++++ Data records ++++

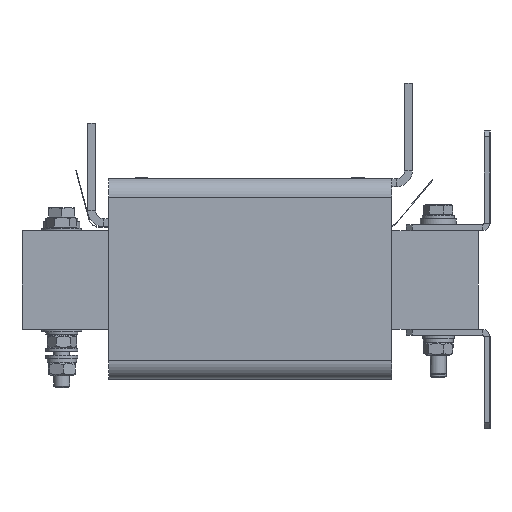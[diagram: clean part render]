
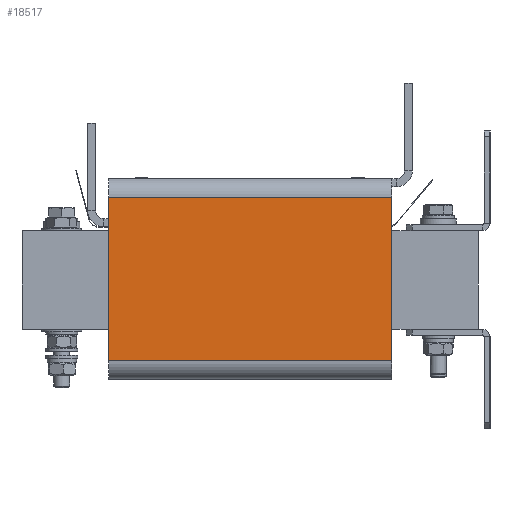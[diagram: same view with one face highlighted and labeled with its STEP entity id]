
A CAD part, left-side view. The second image highlights one B-rep face of the part: STEP entity #18517.
In plain terms, the highlighted planar face has unit normal (-1, 0, 0).
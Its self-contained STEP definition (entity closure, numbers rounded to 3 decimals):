
#1108=LINE('',#28051,#2820);
#1123=LINE('',#28089,#2835);
#1148=LINE('',#28157,#2860);
#1149=LINE('',#28159,#2861);
#2820=VECTOR('',#22963,10.);
#2835=VECTOR('',#22988,10.);
#2860=VECTOR('',#23039,10.);
#2861=VECTOR('',#23042,10.);
#4247=PLANE('',#19828);
#5406=FACE_OUTER_BOUND('',#6609,.T.);
#6609=EDGE_LOOP('',(#14352,#14353,#14354,#14355));
#8624=VERTEX_POINT('',#28048);
#8625=VERTEX_POINT('',#28050);
#8642=VERTEX_POINT('',#28086);
#8643=VERTEX_POINT('',#28088);
#10673=EDGE_CURVE('',#8624,#8625,#1108,.T.);
#10692=EDGE_CURVE('',#8642,#8643,#1123,.T.);
#10727=EDGE_CURVE('',#8643,#8624,#1148,.T.);
#10728=EDGE_CURVE('',#8642,#8625,#1149,.T.);
#14352=ORIENTED_EDGE('',*,*,#10727,.F.);
#14353=ORIENTED_EDGE('',*,*,#10692,.F.);
#14354=ORIENTED_EDGE('',*,*,#10728,.T.);
#14355=ORIENTED_EDGE('',*,*,#10673,.F.);
#18517=ADVANCED_FACE('',(#5406),#4247,.T.);
#19828=AXIS2_PLACEMENT_3D('',#28158,#23040,#23041);
#22963=DIRECTION('',(0.,0.,-1.));
#22988=DIRECTION('',(0.,0.,1.));
#23039=DIRECTION('',(0.,-1.,0.));
#23040=DIRECTION('center_axis',(-1.,0.,0.));
#23041=DIRECTION('ref_axis',(0.,0.,1.));
#23042=DIRECTION('',(0.,-1.,0.));
#28048=CARTESIAN_POINT('',(-143.3,-71.,41.54));
#28050=CARTESIAN_POINT('',(-143.3,-71.,-40.54));
#28051=CARTESIAN_POINT('',(-143.3,-71.,41.54));
#28086=CARTESIAN_POINT('',(-143.3,71.,-40.54));
#28088=CARTESIAN_POINT('',(-143.3,71.,41.54));
#28089=CARTESIAN_POINT('',(-143.3,71.,41.54));
#28157=CARTESIAN_POINT('',(-143.3,0.,41.54));
#28158=CARTESIAN_POINT('Origin',(-143.3,0.,-40.54));
#28159=CARTESIAN_POINT('',(-143.3,0.,-40.54));

++++

Action item: What you give back must be the stretch above, starting at the line with "Its self-contained STEP" and ending at the line with "#14353=ORIENTED_EDGE('',*,*,#10692,.F.);", copied exactly.

Answer box:
Its self-contained STEP definition (entity closure, numbers rounded to 3 decimals):
#1108=LINE('',#28051,#2820);
#1123=LINE('',#28089,#2835);
#1148=LINE('',#28157,#2860);
#1149=LINE('',#28159,#2861);
#2820=VECTOR('',#22963,10.);
#2835=VECTOR('',#22988,10.);
#2860=VECTOR('',#23039,10.);
#2861=VECTOR('',#23042,10.);
#4247=PLANE('',#19828);
#5406=FACE_OUTER_BOUND('',#6609,.T.);
#6609=EDGE_LOOP('',(#14352,#14353,#14354,#14355));
#8624=VERTEX_POINT('',#28048);
#8625=VERTEX_POINT('',#28050);
#8642=VERTEX_POINT('',#28086);
#8643=VERTEX_POINT('',#28088);
#10673=EDGE_CURVE('',#8624,#8625,#1108,.T.);
#10692=EDGE_CURVE('',#8642,#8643,#1123,.T.);
#10727=EDGE_CURVE('',#8643,#8624,#1148,.T.);
#10728=EDGE_CURVE('',#8642,#8625,#1149,.T.);
#14352=ORIENTED_EDGE('',*,*,#10727,.F.);
#14353=ORIENTED_EDGE('',*,*,#10692,.F.);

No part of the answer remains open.